Q. Minimum cacheable size and exact-match rule?

Minimum cacheable size: 4,096 tokens on Opus 4.7 / 4.6 / 4.5 and Haiku 4.5; 1,024 tokens on Opus 4.8 / Sonnet 4.6 / Sonnet 4.5. Shorter prompts marked with cache_control are processed without caching (no error). Exact-match: a single character change anywhere in the cached span invalidates the prefix. Caching is workspace-isolated on Claude API + AWS + Foundry (beta); organization-isolated on Bedrock + Vertex.

Q. The context-window picture and 'context rot'?

1M tokens: Opus 4.8 / Mythos Preview / Opus 4.7 / Opus 4.6 / Sonnet 4.6 on Claude API + Bedrock + Vertex AI. 200K tokens: Sonnet 4.5 and older. Context rot: the docs’ name for the accuracy and recall degradation that grows with sequence length: as token count grows, accuracy and recall degrade … curating what’s in context just as important as how much space is available. Overflow on 4.5+ models: stop_reason: model_context_window_exceeded.

Q. Compaction: what is it, how to enable, default trigger?

Server-side context compaction. Generates a summary of older history when input crosses a trigger threshold; emits a compaction block; subsequent requests automatically drop prior messages. Enable: beta compact-2026-01-12 + a context_management parameter containing an edits array with one entry of type: compact_20260112. Default trigger: 150,000 input tokens (min 50,000). Models: Opus 4.8 / Mythos / 4.7 / 4.6 + Sonnet 4.6. Cache interaction: put a cache_control breakpoint at the end of the system prompt so it survives compaction. Billing: extra sampling step under usage.iterations; same model writes the summary.

Q. Context editing: two strategies + cache-interaction asymmetry?

Beta: context-management-2025-06-27. (1) clear_tool_uses_20250919: clears old tool_result / mcp_tool_result blocks in chronological order (placeholder substituted); optional clear_tool_inputs; clear_at_least sets minimum cleared. INVALIDATES cache at the clear point. (2) clear_thinking_20251015: clears thinking blocks; keep parameter. PRESERVES cache when blocks are kept; clears invalidate only at the clear point. Default: compaction is the primary strategy; editing is for fine-grained control.

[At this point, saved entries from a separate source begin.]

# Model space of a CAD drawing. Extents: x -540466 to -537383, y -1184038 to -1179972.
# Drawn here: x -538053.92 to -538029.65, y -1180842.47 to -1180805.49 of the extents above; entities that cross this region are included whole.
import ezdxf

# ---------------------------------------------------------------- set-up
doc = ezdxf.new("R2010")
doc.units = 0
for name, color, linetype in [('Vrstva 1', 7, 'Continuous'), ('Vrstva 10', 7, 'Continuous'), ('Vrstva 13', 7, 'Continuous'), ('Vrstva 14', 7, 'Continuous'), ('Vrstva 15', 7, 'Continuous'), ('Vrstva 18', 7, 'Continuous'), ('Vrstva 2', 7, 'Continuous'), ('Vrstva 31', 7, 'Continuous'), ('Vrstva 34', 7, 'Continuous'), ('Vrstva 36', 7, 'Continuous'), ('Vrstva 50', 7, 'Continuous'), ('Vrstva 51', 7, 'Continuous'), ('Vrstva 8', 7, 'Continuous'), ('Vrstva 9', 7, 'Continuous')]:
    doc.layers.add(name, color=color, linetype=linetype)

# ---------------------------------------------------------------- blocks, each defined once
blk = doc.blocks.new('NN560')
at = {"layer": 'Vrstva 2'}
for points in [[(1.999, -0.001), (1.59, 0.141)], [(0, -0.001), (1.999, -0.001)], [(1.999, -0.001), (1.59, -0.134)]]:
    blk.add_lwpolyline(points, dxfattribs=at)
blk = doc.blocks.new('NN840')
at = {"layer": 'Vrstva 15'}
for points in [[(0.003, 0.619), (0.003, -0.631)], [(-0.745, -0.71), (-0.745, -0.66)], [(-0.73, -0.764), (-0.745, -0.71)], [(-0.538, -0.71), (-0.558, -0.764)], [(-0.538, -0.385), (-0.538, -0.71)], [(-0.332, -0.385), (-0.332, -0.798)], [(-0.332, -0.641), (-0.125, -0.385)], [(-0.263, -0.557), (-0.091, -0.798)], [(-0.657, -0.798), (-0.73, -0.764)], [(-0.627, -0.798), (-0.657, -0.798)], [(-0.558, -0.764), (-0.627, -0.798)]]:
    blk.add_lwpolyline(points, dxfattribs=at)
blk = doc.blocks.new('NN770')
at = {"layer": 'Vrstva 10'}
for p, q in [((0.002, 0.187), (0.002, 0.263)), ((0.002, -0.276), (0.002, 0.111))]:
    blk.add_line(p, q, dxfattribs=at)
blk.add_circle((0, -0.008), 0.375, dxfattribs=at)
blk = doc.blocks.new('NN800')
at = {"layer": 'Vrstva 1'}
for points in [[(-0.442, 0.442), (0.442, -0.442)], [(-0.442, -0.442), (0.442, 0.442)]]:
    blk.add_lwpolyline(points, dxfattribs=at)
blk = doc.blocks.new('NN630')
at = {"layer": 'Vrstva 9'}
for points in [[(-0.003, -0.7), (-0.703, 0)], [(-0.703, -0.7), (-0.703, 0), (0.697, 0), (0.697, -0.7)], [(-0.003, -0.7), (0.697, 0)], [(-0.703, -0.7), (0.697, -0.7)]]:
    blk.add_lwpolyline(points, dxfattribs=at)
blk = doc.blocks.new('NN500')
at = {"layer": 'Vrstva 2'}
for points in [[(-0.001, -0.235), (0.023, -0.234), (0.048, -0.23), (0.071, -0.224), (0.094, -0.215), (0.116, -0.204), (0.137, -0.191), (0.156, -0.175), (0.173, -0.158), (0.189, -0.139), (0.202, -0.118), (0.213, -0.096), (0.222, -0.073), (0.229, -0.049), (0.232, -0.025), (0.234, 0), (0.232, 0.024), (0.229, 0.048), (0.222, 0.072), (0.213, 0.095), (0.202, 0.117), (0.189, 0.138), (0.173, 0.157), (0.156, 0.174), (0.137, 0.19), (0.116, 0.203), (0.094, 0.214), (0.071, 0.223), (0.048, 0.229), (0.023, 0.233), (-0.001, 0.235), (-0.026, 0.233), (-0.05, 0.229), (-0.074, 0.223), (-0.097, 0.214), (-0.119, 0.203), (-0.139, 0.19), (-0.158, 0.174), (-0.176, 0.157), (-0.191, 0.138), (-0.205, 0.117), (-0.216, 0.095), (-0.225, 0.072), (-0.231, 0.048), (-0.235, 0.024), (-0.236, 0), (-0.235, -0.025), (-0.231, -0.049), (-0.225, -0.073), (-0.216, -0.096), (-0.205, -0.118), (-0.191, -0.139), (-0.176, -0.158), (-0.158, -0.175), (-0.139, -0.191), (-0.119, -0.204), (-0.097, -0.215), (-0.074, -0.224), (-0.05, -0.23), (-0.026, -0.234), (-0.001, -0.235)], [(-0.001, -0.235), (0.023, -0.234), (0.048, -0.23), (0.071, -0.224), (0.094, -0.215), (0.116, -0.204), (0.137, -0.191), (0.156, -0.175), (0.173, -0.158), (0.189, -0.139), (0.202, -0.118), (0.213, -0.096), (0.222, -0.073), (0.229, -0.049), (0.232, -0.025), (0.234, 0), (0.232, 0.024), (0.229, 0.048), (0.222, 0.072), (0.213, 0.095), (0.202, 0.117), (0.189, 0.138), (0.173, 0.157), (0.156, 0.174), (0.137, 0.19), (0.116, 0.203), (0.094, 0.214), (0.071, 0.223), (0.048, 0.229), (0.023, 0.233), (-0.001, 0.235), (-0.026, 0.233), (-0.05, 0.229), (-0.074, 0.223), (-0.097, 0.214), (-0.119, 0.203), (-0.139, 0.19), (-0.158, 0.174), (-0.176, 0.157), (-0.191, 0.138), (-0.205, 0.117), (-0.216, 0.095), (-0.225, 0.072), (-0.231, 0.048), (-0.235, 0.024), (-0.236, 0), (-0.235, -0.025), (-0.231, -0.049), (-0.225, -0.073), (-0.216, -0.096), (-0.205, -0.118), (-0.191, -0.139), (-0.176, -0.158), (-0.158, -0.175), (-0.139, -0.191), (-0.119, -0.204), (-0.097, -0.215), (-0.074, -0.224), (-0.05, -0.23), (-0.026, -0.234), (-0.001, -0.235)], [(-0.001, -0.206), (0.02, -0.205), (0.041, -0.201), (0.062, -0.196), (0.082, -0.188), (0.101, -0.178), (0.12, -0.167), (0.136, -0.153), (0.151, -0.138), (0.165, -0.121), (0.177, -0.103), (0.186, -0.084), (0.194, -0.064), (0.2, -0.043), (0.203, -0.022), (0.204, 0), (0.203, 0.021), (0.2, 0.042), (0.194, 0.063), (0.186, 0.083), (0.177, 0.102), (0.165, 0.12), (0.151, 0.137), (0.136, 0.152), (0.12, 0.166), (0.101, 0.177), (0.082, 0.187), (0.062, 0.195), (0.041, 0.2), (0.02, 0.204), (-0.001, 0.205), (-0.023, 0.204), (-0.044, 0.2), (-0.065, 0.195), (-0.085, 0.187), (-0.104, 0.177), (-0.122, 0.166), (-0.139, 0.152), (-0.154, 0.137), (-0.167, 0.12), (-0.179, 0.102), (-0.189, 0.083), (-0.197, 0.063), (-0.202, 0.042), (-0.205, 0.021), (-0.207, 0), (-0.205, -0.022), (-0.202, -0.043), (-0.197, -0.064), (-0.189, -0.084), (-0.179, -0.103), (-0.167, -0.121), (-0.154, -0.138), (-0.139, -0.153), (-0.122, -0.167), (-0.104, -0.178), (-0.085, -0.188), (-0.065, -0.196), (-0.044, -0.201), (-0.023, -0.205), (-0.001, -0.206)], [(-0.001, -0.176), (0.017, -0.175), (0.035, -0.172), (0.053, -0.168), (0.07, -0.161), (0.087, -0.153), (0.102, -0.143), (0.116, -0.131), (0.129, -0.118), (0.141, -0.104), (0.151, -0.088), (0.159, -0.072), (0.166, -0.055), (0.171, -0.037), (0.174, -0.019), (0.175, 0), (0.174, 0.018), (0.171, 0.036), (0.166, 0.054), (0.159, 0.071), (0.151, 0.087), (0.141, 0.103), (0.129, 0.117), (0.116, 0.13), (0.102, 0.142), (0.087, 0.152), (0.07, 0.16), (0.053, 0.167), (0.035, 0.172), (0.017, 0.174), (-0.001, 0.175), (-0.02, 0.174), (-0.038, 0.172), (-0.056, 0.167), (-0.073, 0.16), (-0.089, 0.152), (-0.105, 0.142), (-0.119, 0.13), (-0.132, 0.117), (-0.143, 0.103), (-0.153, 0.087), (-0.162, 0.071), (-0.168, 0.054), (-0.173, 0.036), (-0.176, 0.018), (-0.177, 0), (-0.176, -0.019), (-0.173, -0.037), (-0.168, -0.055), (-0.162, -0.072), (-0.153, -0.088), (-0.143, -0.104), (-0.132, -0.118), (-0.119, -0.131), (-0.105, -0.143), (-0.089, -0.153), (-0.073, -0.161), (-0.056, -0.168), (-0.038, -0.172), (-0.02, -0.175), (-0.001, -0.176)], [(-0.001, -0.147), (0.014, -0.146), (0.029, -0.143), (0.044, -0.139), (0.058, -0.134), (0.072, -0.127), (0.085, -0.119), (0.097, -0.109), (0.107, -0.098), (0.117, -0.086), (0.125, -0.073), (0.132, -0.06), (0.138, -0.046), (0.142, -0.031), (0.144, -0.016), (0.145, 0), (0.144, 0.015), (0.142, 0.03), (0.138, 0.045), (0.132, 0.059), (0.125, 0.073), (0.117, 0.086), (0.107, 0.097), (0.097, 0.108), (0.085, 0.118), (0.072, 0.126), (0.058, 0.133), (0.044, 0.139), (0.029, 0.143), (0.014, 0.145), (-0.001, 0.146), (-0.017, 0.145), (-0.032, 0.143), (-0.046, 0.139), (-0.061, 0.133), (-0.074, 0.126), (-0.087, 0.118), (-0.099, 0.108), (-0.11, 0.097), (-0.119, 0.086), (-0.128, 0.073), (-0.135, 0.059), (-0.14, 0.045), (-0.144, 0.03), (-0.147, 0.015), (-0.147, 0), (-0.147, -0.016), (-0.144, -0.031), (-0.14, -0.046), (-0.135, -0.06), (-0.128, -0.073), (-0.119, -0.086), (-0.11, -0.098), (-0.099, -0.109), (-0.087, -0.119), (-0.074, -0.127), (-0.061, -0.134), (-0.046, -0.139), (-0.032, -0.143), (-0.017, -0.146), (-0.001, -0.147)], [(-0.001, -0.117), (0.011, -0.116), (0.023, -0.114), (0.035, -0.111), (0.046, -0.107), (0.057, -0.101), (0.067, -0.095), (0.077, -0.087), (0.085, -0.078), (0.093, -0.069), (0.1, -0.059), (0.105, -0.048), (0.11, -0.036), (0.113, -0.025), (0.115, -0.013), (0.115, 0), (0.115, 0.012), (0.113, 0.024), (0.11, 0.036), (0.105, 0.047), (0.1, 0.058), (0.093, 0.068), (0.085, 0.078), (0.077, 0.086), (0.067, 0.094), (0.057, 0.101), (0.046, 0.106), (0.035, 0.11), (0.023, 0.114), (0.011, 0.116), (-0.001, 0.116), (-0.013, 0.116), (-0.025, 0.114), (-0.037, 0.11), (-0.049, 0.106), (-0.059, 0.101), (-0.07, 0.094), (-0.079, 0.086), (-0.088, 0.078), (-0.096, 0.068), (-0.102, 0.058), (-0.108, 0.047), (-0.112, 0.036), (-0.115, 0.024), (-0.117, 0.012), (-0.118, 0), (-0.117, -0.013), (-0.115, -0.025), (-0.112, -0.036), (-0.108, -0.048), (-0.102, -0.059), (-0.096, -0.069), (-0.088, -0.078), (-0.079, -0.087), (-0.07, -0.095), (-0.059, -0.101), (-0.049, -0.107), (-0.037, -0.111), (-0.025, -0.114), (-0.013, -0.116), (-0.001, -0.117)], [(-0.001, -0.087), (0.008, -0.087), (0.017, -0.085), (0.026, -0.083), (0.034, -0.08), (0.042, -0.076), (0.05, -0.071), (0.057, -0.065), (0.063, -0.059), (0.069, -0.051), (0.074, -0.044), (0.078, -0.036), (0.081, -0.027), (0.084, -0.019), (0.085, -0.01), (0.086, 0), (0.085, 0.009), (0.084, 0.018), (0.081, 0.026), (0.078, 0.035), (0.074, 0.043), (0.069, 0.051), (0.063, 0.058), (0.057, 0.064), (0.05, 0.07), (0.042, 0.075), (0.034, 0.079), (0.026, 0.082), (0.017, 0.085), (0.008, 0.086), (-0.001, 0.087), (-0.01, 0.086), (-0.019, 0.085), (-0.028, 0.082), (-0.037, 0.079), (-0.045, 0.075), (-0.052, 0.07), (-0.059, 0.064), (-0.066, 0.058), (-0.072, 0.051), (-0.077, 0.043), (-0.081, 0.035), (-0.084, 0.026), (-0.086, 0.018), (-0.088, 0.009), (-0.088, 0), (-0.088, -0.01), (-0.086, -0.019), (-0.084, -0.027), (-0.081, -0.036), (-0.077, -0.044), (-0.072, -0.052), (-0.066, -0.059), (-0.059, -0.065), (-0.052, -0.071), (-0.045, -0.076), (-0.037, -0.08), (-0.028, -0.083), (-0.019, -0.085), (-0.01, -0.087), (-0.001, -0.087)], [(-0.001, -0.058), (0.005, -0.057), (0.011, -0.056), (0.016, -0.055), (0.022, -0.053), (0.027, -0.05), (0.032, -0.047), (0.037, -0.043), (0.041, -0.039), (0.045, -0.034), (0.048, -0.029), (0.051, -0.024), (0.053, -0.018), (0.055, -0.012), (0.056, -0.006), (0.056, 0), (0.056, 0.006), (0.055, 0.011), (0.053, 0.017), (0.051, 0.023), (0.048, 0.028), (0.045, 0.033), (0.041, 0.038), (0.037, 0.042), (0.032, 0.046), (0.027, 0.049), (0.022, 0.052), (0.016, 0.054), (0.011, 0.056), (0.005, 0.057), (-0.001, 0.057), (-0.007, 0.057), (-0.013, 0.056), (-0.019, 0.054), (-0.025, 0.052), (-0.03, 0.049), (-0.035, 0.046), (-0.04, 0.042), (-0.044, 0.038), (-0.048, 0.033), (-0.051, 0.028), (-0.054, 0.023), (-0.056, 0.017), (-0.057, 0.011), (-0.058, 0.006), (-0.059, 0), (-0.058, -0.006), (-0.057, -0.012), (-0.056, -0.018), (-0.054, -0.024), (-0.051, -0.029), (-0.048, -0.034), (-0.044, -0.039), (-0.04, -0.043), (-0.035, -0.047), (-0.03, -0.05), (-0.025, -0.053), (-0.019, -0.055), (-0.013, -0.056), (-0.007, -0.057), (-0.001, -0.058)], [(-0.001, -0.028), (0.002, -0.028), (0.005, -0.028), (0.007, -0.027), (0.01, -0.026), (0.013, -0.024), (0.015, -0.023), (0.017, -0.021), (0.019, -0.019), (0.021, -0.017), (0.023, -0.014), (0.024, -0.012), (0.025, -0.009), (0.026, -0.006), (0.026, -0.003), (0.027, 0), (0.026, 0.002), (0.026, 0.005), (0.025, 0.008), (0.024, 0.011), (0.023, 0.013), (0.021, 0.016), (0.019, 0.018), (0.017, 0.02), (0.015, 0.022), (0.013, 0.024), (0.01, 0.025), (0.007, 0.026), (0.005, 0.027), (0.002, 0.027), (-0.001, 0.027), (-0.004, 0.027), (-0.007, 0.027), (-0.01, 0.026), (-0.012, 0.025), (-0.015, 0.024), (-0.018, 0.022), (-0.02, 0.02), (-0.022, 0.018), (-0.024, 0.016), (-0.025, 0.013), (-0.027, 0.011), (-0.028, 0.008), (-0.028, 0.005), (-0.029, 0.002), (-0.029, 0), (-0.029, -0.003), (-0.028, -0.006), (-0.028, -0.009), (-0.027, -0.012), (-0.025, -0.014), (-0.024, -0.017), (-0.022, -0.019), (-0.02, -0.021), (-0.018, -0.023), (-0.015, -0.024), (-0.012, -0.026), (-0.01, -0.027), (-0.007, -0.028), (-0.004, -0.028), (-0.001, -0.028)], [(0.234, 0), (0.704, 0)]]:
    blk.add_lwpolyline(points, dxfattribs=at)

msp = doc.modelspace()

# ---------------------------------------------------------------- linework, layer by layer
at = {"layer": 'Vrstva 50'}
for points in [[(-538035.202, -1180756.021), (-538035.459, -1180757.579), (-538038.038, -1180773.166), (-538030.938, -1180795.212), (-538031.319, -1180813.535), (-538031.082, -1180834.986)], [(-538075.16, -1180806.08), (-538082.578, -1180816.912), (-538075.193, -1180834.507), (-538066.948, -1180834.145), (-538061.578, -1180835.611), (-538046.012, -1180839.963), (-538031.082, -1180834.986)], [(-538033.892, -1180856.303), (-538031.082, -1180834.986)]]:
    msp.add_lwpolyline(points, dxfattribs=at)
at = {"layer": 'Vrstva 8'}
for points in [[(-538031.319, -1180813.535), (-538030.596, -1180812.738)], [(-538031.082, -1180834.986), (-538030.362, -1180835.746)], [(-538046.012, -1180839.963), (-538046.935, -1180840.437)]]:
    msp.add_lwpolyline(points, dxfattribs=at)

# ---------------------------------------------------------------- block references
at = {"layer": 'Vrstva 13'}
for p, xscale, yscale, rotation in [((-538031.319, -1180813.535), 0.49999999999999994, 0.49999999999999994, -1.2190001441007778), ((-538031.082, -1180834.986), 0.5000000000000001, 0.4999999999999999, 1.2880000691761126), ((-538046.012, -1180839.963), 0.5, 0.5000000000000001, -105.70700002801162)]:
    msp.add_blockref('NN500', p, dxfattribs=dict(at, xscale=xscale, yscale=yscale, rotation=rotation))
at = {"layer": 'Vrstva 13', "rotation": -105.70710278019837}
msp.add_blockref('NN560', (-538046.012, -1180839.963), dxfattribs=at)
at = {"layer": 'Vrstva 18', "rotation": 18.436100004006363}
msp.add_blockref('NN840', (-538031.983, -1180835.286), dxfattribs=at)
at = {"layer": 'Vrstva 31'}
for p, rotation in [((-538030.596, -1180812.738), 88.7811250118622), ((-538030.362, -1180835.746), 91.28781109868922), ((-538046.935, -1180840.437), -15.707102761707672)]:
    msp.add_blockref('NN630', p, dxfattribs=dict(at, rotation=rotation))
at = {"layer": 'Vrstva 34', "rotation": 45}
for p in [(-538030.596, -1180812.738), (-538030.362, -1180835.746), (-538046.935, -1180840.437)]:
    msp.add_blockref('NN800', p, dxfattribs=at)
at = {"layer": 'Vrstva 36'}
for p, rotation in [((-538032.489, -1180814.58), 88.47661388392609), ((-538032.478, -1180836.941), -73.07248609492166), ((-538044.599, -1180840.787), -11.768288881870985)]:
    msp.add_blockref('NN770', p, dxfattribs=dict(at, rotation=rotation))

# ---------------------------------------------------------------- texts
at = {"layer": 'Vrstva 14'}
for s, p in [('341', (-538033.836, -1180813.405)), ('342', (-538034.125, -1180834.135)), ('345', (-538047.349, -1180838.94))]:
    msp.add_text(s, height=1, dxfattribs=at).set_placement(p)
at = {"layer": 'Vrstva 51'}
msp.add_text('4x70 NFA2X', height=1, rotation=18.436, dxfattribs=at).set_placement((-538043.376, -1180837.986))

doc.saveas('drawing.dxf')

Q. The cost-vs-staleness frame in three lines?

Cache the stable parts (cost lever). cache_control on the system prompt, tool stack across L4 / L5 / L6, stable reference passages. Compact the long parts (staleness lever). compact_20260112 with a trigger near 150K; cache the system separately so it survives. Clear the heavy parts (surgical lever). clear_tool_uses_20250919 for agentic workflows; clear_thinking_20251015 for extended-thinking sessions; pair clearing with clear_at_least so cache write costs pay back.

Q. Where this lesson fits in Track 22?

Phase 2 closes here (augmentation patterns). L4 + L5 + L6 added three tool layers; this lesson is what keeps a request that mixes all three affordable and focused over a long session. L8 (next) opens Phase 3 (agent patterns) by turning a single-call capability set into a multi-turn agent loop where everything cached and pruned here keeps the loop affordable across many iterations.